# Eclipse Env Variables



## Zoerre (23. Feb 2009)

hi,


ich suche eine möglichkeit zugriff auf die Eclips internen variablen wie ${workspace_loc} zu bekommen. Weis das rein zufällig jemand ?

THX


----------



## foobar (23. Feb 2009)

Von wo aus? Aus deinem Javaprogramm heraus? Das wird nicht gehen.


----------



## Zoerre (23. Feb 2009)

hi, nein aus einem eclipse Plugin


----------



## Wildcard (23. Feb 2009)

[HIGHLIGHT="Java"]VariablesPlugin.getDefault().getStringVariableManager().getVariables()[/HIGHLIGHT]


----------



## Zoerre (24. Feb 2009)

hey,

erst mal danke, das geht schon mal in die richtige Richtung. Jedoch will ich nicht die Variablen des Plugins sonden die von Eclipse abfragen. Gibts da irgendwie Extensionpoints oder direkte funktionsaufrufe ??


----------



## foobar (24. Feb 2009)

Einige Varibalen bekommste über Platform z.b. getInstanceLocation oder getInstallLocation

http://help.eclipse.org/help32/inde...ce/api/org/eclipse/core/runtime/Platform.html


----------



## Zoerre (24. Feb 2009)

Danke mal das hat das Problem gelöst...  jedoch ist es nich das was ich vor hatte aber viele Wege führen nach Rom.

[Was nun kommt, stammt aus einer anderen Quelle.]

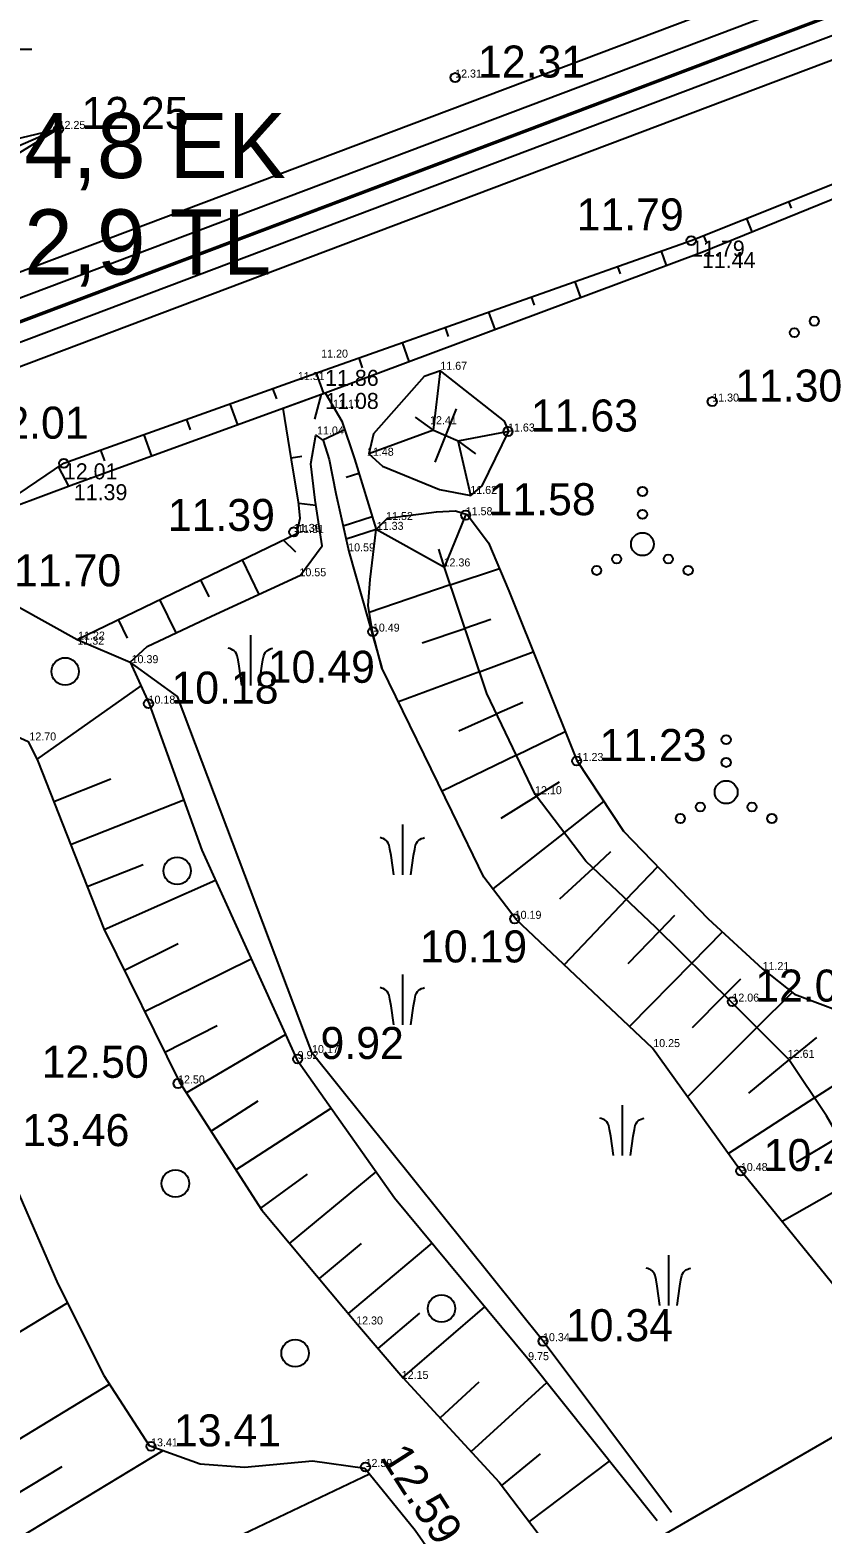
# Model space of a CAD drawing. Extents: x 433497 to 434382, y 6534486 to 6534993.
# Drawn here: x 433661.1 to 433695.8, y 6534564 to 6534629.3 of the extents above; entities that cross this region are included whole.
import ezdxf

# ---------------------------------------------------------------- set-up
doc = ezdxf.new("R2010")
doc.units = 0
for name, color, linetype in [('Default', 7, 'Continuous'), ('GEOLPUNKT', 7, 'Continuous'), ('HALJASTUS', 7, 'Continuous'), ('kataster', 7, 'Continuous'), ('KORGUS-EH2000', 7, 'Continuous'), ('MOOTKORG-EH2000', 7, 'Continuous'), ('PIIR', 7, 'Continuous'), ('RELJEEF', 7, 'Continuous'), ('VORMISTUS', 7, 'Continuous')]:
    doc.layers.add(name, color=color, linetype=linetype)

msp = doc.modelspace()

# ---------------------------------------------------------------- linework, layer by layer
at = {"layer": 'Default'}
msp.add_lwpolyline([(433617.12, 6534791.025), (433632.75, 6534606.045), (434137.38, 6534796.515), (434127.69, 6534855.6), (433968.21, 6534911.925), (433942.38, 6534904.035), (433920.99, 6534907.275)], close=True, dxfattribs=at)
msp.add_lwpolyline([(433617.12, 6534791.025), (433632.75, 6534606.045), (434137.38, 6534796.515), (434127.69, 6534855.6), (433968.21, 6534911.925), (433942.38, 6534904.035), (433920.99, 6534907.275)], close=True, dxfattribs=at)
msp.add_lwpolyline([(433617.12, 6534791.025), (433632.75, 6534606.045), (434137.38, 6534796.515), (434127.69, 6534855.6), (433968.21, 6534911.925), (433942.38, 6534904.035), (433920.99, 6534907.275)], close=True, dxfattribs=at)
at = {"layer": 'GEOLPUNKT'}
msp.add_lwpolyline([(433655.069, 6534628.467), (433661.197, 6534628.467)], dxfattribs=at)
at = {"layer": 'HALJASTUS'}
for p, q in [((433670.76, 6534602.833), (433670.76, 6534600.631)), ((433677.399, 6534594.553), (433677.399, 6534592.35)), ((433677.399, 6534587.991), (433677.399, 6534585.788)), ((433687.005, 6534582.288), (433687.005, 6534580.086)), ((433689.035, 6534575.726), (433689.035, 6534573.524))]:
    msp.add_line(p, q, dxfattribs=at)
for points in [[(433670.385, 6534600.631), (433670.267, 6534601.473), (433670.22, 6534601.755), (433670.178, 6534601.937), (433670.146, 6534602.019), (433670.099, 6534602.09), (433670.048, 6534602.142), (433669.994, 6534602.182), (433669.919, 6534602.22), (433669.855, 6534602.244), (433669.786, 6534602.263)], [(433671.135, 6534600.631), (433671.254, 6534601.473), (433671.301, 6534601.755), (433671.343, 6534601.937), (433671.375, 6534602.019), (433671.422, 6534602.09), (433671.473, 6534602.142), (433671.527, 6534602.182), (433671.602, 6534602.22), (433671.666, 6534602.244), (433671.735, 6534602.263)], [(433677.024, 6534592.35), (433676.906, 6534593.192), (433676.859, 6534593.475), (433676.816, 6534593.657), (433676.784, 6534593.739), (433676.737, 6534593.81), (433676.687, 6534593.862), (433676.632, 6534593.902), (433676.558, 6534593.94), (433676.493, 6534593.963), (433676.424, 6534593.983)], [(433677.774, 6534592.35), (433677.892, 6534593.192), (433677.939, 6534593.475), (433677.981, 6534593.657), (433678.014, 6534593.739), (433678.06, 6534593.81), (433678.111, 6534593.862), (433678.166, 6534593.902), (433678.24, 6534593.94), (433678.304, 6534593.963), (433678.373, 6534593.983)], [(433677.024, 6534585.788), (433676.906, 6534586.631), (433676.859, 6534586.913), (433676.816, 6534587.095), (433676.784, 6534587.177), (433676.737, 6534587.248), (433676.687, 6534587.3), (433676.632, 6534587.34), (433676.558, 6534587.378), (433676.493, 6534587.401), (433676.424, 6534587.421)], [(433677.774, 6534585.788), (433677.892, 6534586.631), (433677.939, 6534586.913), (433677.981, 6534587.095), (433678.014, 6534587.177), (433678.06, 6534587.248), (433678.111, 6534587.3), (433678.166, 6534587.34), (433678.24, 6534587.378), (433678.304, 6534587.401), (433678.373, 6534587.421)], [(433686.63, 6534580.086), (433686.512, 6534580.928), (433686.465, 6534581.21), (433686.422, 6534581.392), (433686.39, 6534581.474), (433686.343, 6534581.545), (433686.293, 6534581.597), (433686.238, 6534581.637), (433686.164, 6534581.675), (433686.099, 6534581.699), (433686.03, 6534581.718)], [(433687.38, 6534580.086), (433687.498, 6534580.928), (433687.545, 6534581.21), (433687.587, 6534581.392), (433687.62, 6534581.474), (433687.666, 6534581.545), (433687.717, 6534581.597), (433687.772, 6534581.637), (433687.846, 6534581.675), (433687.91, 6534581.699), (433687.979, 6534581.718)], [(433688.66, 6534573.524), (433688.542, 6534574.366), (433688.495, 6534574.648), (433688.453, 6534574.83), (433688.42, 6534574.912), (433688.374, 6534574.983), (433688.323, 6534575.035), (433688.268, 6534575.075), (433688.194, 6534575.113), (433688.13, 6534575.137), (433688.061, 6534575.156)], [(433689.41, 6534573.524), (433689.529, 6534574.366), (433689.575, 6534574.648), (433689.618, 6534574.83), (433689.65, 6534574.912), (433689.697, 6534574.983), (433689.747, 6534575.035), (433689.802, 6534575.075), (433689.877, 6534575.113), (433689.941, 6534575.137), (433690.01, 6534575.156)]]:
    msp.add_lwpolyline(points, dxfattribs=at)
for centre, radius in [((433695.412, 6534616.566), 0.2), ((433694.542, 6534616.066), 0.2), ((433687.899, 6534609.115), 0.2), ((433687.899, 6534608.115), 0.2), ((433687.899, 6534606.815), 0.5), ((433686.769, 6534606.165), 0.2), ((433689.029, 6534606.165), 0.2), ((433685.899, 6534605.665), 0.2), ((433689.899, 6534605.665), 0.2), ((433662.655, 6534601.248), 0.6), ((433691.558, 6534598.268), 0.2), ((433691.558, 6534597.268), 0.2), ((433691.558, 6534595.968), 0.5), ((433690.428, 6534595.318), 0.2), ((433692.688, 6534595.318), 0.2), ((433689.558, 6534594.818), 0.2), ((433693.558, 6534594.818), 0.2), ((433667.552, 6534592.528), 0.6), ((433667.474, 6534578.857), 0.6), ((433679.114, 6534573.389), 0.6), ((433672.708, 6534571.436), 0.6)]:
    msp.add_circle(centre, radius, dxfattribs=at)
at = {"layer": 'kataster'}
msp.add_lwpolyline([(433617.102, 6534791.002), (433632.769, 6534606.029), (434137.446, 6534796.469), (434127.827, 6534855.589), (433950.026, 6534918.39)], close=True, dxfattribs=at)
at = {"layer": 'KORGUS-EH2000'}
for centre in [(433679.708, 6534627.219), (433662.367, 6534624.972), (433690.028, 6534620.089), (433690.95, 6534613.05), (433682.02, 6534611.74), (433662.599, 6534610.349), (433680.17, 6534608.08), (433672.65, 6534607.35), (433676.11, 6534602.99), (433666.3, 6534599.84), (433685.02, 6534597.33), (433682.31, 6534590.43), (433691.83, 6534586.81), (433672.82, 6534584.3), (433667.59, 6534583.23), (433692.2, 6534579.4), (433683.55, 6534571.96), (433666.41, 6534567.36), (433675.79, 6534566.46)]:
    msp.add_circle(centre, 0.2, dxfattribs=at)
at = {"layer": 'PIIR'}
for points in [[(433632.021, 6534604.835), (434138.248, 6534795.936), (434128.468, 6534856.135), (433968.226, 6534912.818), (433942.33, 6534904.85), (433920.952, 6534908.165), (433616.327, 6534791.524), (433632.021, 6534604.835)], [(433632.732, 6534605.959), (434137.353, 6534796.454), (434127.754, 6534855.539), (433968.208, 6534911.976), (433942.39, 6534904.031), (433921.04, 6534907.341), (433617.174, 6534790.992), (433632.732, 6534605.959)], [(433633.446, 6534604.304), (434134.891, 6534793.6)]]:
    msp.add_lwpolyline(points, dxfattribs=at)
for points in [[(433618.234, 6534790.327), (433921.149, 6534906.313), (433942.464, 6534903.008), (433968.187, 6534910.923), (434126.862, 6534854.794), (434136.235, 6534797.101), (433633.617, 6534607.362)], [(433619.24, 6534789.695), (433634.52, 6534608.851), (434135.141, 6534797.808), (434125.908, 6534854.108), (433968.165, 6534909.82), (433942.53, 6534901.99), (433921.212, 6534905.219)], [(433619.24, 6534789.695), (433634.52, 6534608.851), (434135.141, 6534797.808), (434125.908, 6534854.108), (433968.165, 6534909.82), (433942.53, 6534901.99), (433921.212, 6534905.219)]]:
    msp.add_lwpolyline(points, close=True, dxfattribs=at)
at = {"layer": 'RELJEEF'}
for p, q in [((433662.367, 6534624.972), (433662.367, 6534624.972)), ((433694.418, 6534621.51), (433694.304, 6534621.795)), ((433692.446, 6534621.054), (433692.678, 6534620.474)), ((433690.703, 6534620.016), (433690.589, 6534620.313)), ((433688.712, 6534619.624), (433688.935, 6534619.005)), ((433686.942, 6534618.63), (433686.826, 6534618.958)), ((433684.94, 6534618.292), (433685.184, 6534617.601)), ((433683.182, 6534617.263), (433683.054, 6534617.626)), ((433681.168, 6534616.959), (433681.437, 6534616.2)), ((433679.423, 6534615.896), (433679.283, 6534616.293)), ((433677.397, 6534615.627), (433677.69, 6534614.798)), ((433675.664, 6534614.529), (433675.511, 6534614.961)), ((433673.626, 6534614.293), (433673.945, 6534613.397)), ((433678.757, 6534611.792), (433679.073, 6534614.4)), ((433671.904, 6534613.168), (433671.743, 6534613.62)), ((433669.859, 6534612.946), (433670.186, 6534612.033)), ((433673.571, 6534612.277), (433673.867, 6534613.369)), ((433668.141, 6534611.811), (433667.976, 6534612.272)), ((433678.757, 6534611.792), (433677.98, 6534612.368)), ((433679.297, 6534611.563), (433679.761, 6534612.729)), ((433666.093, 6534611.599), (433666.426, 6534610.668)), ((433674.882, 6534611.817), (433673.918, 6534611.357)), ((433678.757, 6534611.792), (433675.928, 6534610.759)), ((433678.757, 6534611.792), (433679.838, 6534611.334)), ((433678.834, 6534610.398), (433679.297, 6534611.563)), ((433679.838, 6534611.334), (433682.052, 6534611.752)), ((433664.387, 6534610.458), (433664.21, 6534610.925)), ((433680.397, 6534608.938), (433679.838, 6534611.334)), ((433680.615, 6534610.759), (433679.838, 6534611.334)), ((433673.004, 6534610.651), (433672.541, 6534610.575)), ((433662.36, 6534610.187), (433662.803, 6534609.35)), ((433674.942, 6534609.739), (433675.495, 6534609.914)), ((433672.869, 6534608.602), (433673.622, 6534608.513)), ((433676.087, 6534608.003), (433674.813, 6534607.608)), ((433679.238, 6534605.793), (433680.17, 6534608.08)), ((433672.745, 6534606.468), (433672.19, 6534606.996)), ((433676.259, 6534607.448), (433674.939, 6534607.039)), ((433679.238, 6534605.793), (433676.259, 6534607.448)), ((433679.238, 6534605.793), (433679.002, 6534606.591)), ((433670.389, 6534606.127), (433671.118, 6534604.616)), ((433679.497, 6534605.028), (433681.643, 6534605.752)), ((433668.945, 6534604.517), (433668.588, 6534605.257)), ((433679.497, 6534605.028), (433675.954, 6534603.831)), ((433666.787, 6534604.388), (433667.491, 6534602.929)), ((433665.376, 6534602.71), (433664.986, 6534603.518)), ((433678.262, 6534602.499), (433680.137, 6534603.133)), ((433681.273, 6534603.516), (433680.137, 6534603.133)), ((433680.777, 6534601.238), (433683.126, 6534602.11)), ((433680.777, 6534601.238), (433677.232, 6534599.922)), ((433661.415, 6534597.403), (433665.973, 6534600.618)), ((433682.67, 6534599.892), (433681.527, 6534599.388)), ((433679.868, 6534598.656), (433681.527, 6534599.388)), ((433682.389, 6534597.583), (433684.525, 6534598.616)), ((433682.389, 6534597.583), (433679.142, 6534596.013)), ((433664.657, 6534596.536), (433662.156, 6534595.545)), ((433684.262, 6534596.401), (433683.267, 6534595.788)), ((433662.889, 6534593.684), (433667.838, 6534595.635)), ((433681.722, 6534594.836), (433683.267, 6534595.788)), ((433684.477, 6534594.195), (433686.217, 6534595.565)), ((433684.477, 6534594.195), (433681.358, 6534591.741)), ((433686.504, 6534593.359), (433685.738, 6534592.649)), ((433666.068, 6534592.789), (433663.622, 6534591.824)), ((433684.291, 6534591.307), (433685.738, 6534592.649)), ((433687.189, 6534591.272), (433688.569, 6534592.724)), ((433664.358, 6534589.964), (433669.224, 6534592.123)), ((433687.189, 6534591.272), (433684.479, 6534588.422)), ((433689.304, 6534590.582), (433688.637, 6534589.892)), ((433667.602, 6534589.334), (433665.243, 6534588.17)), ((433687.271, 6534588.483), (433688.637, 6534589.892)), ((433690.062, 6534588.489), (433691.406, 6534589.854)), ((433666.128, 6534586.377), (433670.788, 6534588.676)), ((433690.062, 6534588.489), (433687.337, 6534585.723)), ((433692.183, 6534587.789), (433691.487, 6534587.086)), ((433690.094, 6534585.68), (433691.487, 6534587.086)), ((433692.903, 6534585.674), (433694.446, 6534587.215)), ((433669.297, 6534585.755), (433667.013, 6534584.583)), ((433692.903, 6534585.674), (433689.872, 6534582.645)), ((433667.952, 6534582.821), (433672.29, 6534585.367)), ((433695.516, 6534585.243), (433694.314, 6534584.257)), ((433692.552, 6534582.812), (433694.314, 6534584.257)), ((433695.428, 6534582.596), (433698.201, 6534584.384)), ((433671.085, 6534582.459), (433669.035, 6534581.139)), ((433670.117, 6534579.457), (433674.292, 6534582.145)), ((433695.428, 6534582.596), (433691.656, 6534580.163)), ((433694.633, 6534579.795), (433696.481, 6534580.897)), ((433673.238, 6534579.264), (433671.2, 6534577.776)), ((433672.472, 6534576.234), (433676.252, 6534579.372)), ((433697.476, 6534579.162), (433694.001, 6534577.192)), ((433675.595, 6534576.237), (433673.755, 6534574.699)), ((433675.038, 6534573.164), (433678.698, 6534576.251)), ((433656.215, 6534569.67), (433662.756, 6534573.639)), ((433678.144, 6534573.187), (433676.333, 6534571.641)), ((433677.418, 6534570.376), (433681.013, 6534573.457)), ((433658.29, 6534566.251), (433664.595, 6534570.076)), ((433680.748, 6534570.163), (433679.049, 6534568.602)), ((433680.402, 6534567.129), (433683.72, 6534570.152)), ((433660.205, 6534563.093), (433666.937, 6534567.178)), ((433683.42, 6534567.036), (433681.742, 6534565.645)), ((433682.952, 6534564.053), (433686.462, 6534566.72)), ((433662.505, 6534566.469), (433659.327, 6534564.541)), ((433661.925, 6534559.482), (433675.957, 6534566.164))]:
    msp.add_line(p, q, dxfattribs=at)
for points in [[(433659.047, 6534607.945), (433662.599, 6534610.349), (433674.022, 6534614.435), (433690.028, 6534620.089), (433707.718, 6534627.146), (433725.766, 6534634.115), (433743.961, 6534641.349), (433757.363, 6534645.659)], [(433659.047, 6534607.945), (433659.047, 6534607.945), (433663.033, 6534609.436), (433674.026, 6534613.427), (433690.499, 6534619.59), (433707.686, 6534626.561), (433726.101, 6534633.687), (433744.046, 6534640.464), (433757.363, 6534645.659)], [(433627.532, 6534607.425), (433628.904, 6534609.813), (433637.2, 6534615.091), (433645.891, 6534619.186), (433655.745, 6534623.4), (433662.367, 6534624.972), (433653.734, 6534619.684), (433659.036, 6534611.145), (433659.823, 6534608.843)], [(433662.367, 6534624.972), (433650.426, 6534619.803), (433644.248, 6534617.069), (433639.403, 6534613.504), (433633.711, 6534610.042), (433629.25, 6534607.904), (433629.91, 6534604.493)], [(433663.185, 6534602.649), (433663.185, 6534602.649), (433663.185, 6534602.649), (433672.784, 6534607.283), (433672.938, 6534607.95), (433672.861, 6534608.669), (433672.626, 6534610.048), (433672.187, 6534612.759), (433674.026, 6534613.427), (433674.76, 6534612.189), (433675.301, 6534610.54), (433676.259, 6534607.448)], [(433665.502, 6534601.656), (433666.243, 6534602.344), (433669.058, 6534603.663), (433672.949, 6534605.462), (433673.887, 6534606.739), (433673.588, 6534608.739), (433673.4, 6534610.321), (433673.611, 6534611.586), (433673.942, 6534611.34), (433674.193, 6534610.512), (433674.497, 6534609.035), (433675.06, 6534606.496), (433676.508, 6534601.405)], [(433659.823, 6534608.843), (433659.047, 6534607.945), (433659.709, 6534605.462), (433658.398, 6534601.819), (433657.888, 6534600.402), (433657.888, 6534599.008), (433655.406, 6534594.208), (433655.406, 6534594.208), (433659.709, 6534580.471), (433662.338, 6534574.474), (433664.343, 6534570.464), (433666.329, 6534567.396), (433668.56, 6534566.593), (433670.496, 6534566.455), (433673.468, 6534566.731), (433675.763, 6534566.403)], [(433659.823, 6534608.843), (433659.047, 6534607.945), (433659.709, 6534605.462), (433658.398, 6534601.819), (433657.888, 6534600.402), (433657.888, 6534599.008), (433655.406, 6534594.208), (433655.406, 6534594.208), (433659.709, 6534580.471), (433662.338, 6534574.474), (433664.343, 6534570.464), (433666.329, 6534567.396), (433668.56, 6534566.593), (433670.496, 6534566.455), (433673.468, 6534566.731), (433675.763, 6534566.403)], [(433701.912, 6534574.844), (433700.967, 6534573.735), (433699.595, 6534573.024), (433698.448, 6534572.977), (433697.113, 6534573.355), (433692.148, 6534579.478), (433688.341, 6534584.774), (433682.383, 6534590.402), (433680.967, 6534592.253), (433679.585, 6534595.107), (433676.508, 6534601.405), (433676.094, 6534602.98), (433675.906, 6534604.126), (433675.995, 6534605.263), (433676.259, 6534607.448), (433676.756, 6534607.945), (433678.894, 6534608.228), (433679.719, 6534608.273), (433680.231, 6534608.11)], [(433701.912, 6534574.844), (433700.967, 6534573.735), (433699.595, 6534573.024), (433698.448, 6534572.977), (433697.113, 6534573.355), (433692.148, 6534579.478), (433688.341, 6534584.774), (433682.383, 6534590.402), (433680.967, 6534592.253), (433679.585, 6534595.107), (433676.508, 6534601.405), (433676.094, 6534602.98), (433675.906, 6534604.126), (433675.995, 6534605.263), (433676.259, 6534607.448), (433676.756, 6534607.945), (433678.894, 6534608.228), (433679.719, 6534608.273), (433680.231, 6534608.11)], [(433680.231, 6534608.11), (433681.168, 6534606.868), (433682.06, 6534604.772), (433685.031, 6534597.353), (433687.077, 6534594.27), (433690.778, 6534590.435), (433693.141, 6534588.25), (433694.546, 6534587.136), (433696.553, 6534586.378), (433697.609, 6534585.436), (433699.875, 6534581.405), (433701.581, 6534577.327), (433701.881, 6534576.121), (433701.912, 6534574.844)], [(433680.231, 6534608.11), (433681.168, 6534606.868), (433682.06, 6534604.772), (433685.031, 6534597.353), (433687.077, 6534594.27), (433690.778, 6534590.435), (433693.141, 6534588.25), (433694.546, 6534587.136), (433696.553, 6534586.378), (433697.609, 6534585.436), (433699.875, 6534581.405), (433701.581, 6534577.327), (433701.881, 6534576.121), (433701.912, 6534574.844)], [(433699.43, 6534575.672), (433697.4, 6534579.298), (433695.951, 6534581.818), (433694.299, 6534584.278), (433691.817, 6534586.76), (433688.481, 6534590.045), (433685.427, 6534592.944), (433683.211, 6534595.863), (433681.101, 6534600.279), (433679.238, 6534605.793)], [(433699.43, 6534575.672), (433697.4, 6534579.298), (433695.951, 6534581.818), (433694.299, 6534584.278), (433691.817, 6534586.76), (433688.481, 6534590.045), (433685.427, 6534592.944), (433683.211, 6534595.863), (433681.101, 6534600.279), (433679.238, 6534605.793)], [(433659.709, 6534605.462), (433660.616, 6534604.078), (433663.185, 6534602.649), (433665.502, 6534601.656)], [(433665.502, 6534601.656), (433666.329, 6534599.835), (433668.629, 6534593.433), (433672.784, 6534584.278), (433677.063, 6534578.224), (433682.88, 6534571.203), (433688.537, 6534564.124)], [(433683.55, 6534571.96), (433673.45, 6534584.56), (433667.563, 6534600.146), (433665.56, 6534601.61), (433665.56, 6534601.61)], [(433683.55, 6534571.96), (433673.45, 6534584.56), (433667.563, 6534600.146), (433665.56, 6534601.61), (433665.56, 6534601.61)], [(433689.171, 6534564.474), (433683.55, 6534571.96), (433673.45, 6534584.56), (433667.563, 6534600.146), (433665.56, 6534601.61)], [(433658.045, 6534598.997), (433658.874, 6534598.966), (433660.046, 6534598.634), (433661.033, 6534598.18), (433661.457, 6534597.318), (433664.343, 6534589.994), (433667.653, 6534583.285), (433671.256, 6534577.689), (433675.432, 6534572.693), (433677.418, 6534570.376), (433681.626, 6534565.798), (433685.042, 6534561.302)], [(433675.763, 6534566.403), (433677.962, 6534563.689), (433681.179, 6534559.07)]]:
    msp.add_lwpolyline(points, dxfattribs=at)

Wäre eben für mich interessant auf diese Eclipse eigenen Variablen wie ${workspace_loc} zuzugeifen... Deshalb lasse ich das Thema mal noch offen aber wie gesagt schon mal Danke an euch beide...


----------



## Wildcard (24. Feb 2009)

Was stört dich an meiner Lösung? Das ist die Schnittstelle zu genau den Variablen die du suchst.
Hast du es denn ausprobiert?


----------



## Zoerre (25. Feb 2009)

ausprobiert ja aber das waren scheinbar nur die Variablen von dem Plugin und nicht von eclipse


----------



## Wildcard (26. Feb 2009)

Wenn du zB in den Preferences in die Ant Runtime zu den Properties wechselst und dort ein neues anlegen möchtest, ist dort ein Button Variables. Nun folgt ein Dialog der dir die verfügbaren Variablen anzeigt und um genau die geht es dir, richtig?
Drückst du nun ALT + Shift + F1 für den PlugIn Spy, siehst du das es sich um den StringVariableSelectionDialog handelt.
Schaut man sich an wo die Werte herkommen findet sich das:
[HIGHLIGHT="Java"]setElements(VariablesPlugin.getDefault().getStringVariableManager().getVariables());[/HIGHLIGHT]
Die Variablen kommen von ganz unterschiedlichen PlugIns. Bist du dir sicher das du die PlugIns die die Variablen bereitstellen nach denen du suchst überhaupt in deiner Runtime Workbench geladen hast?


----------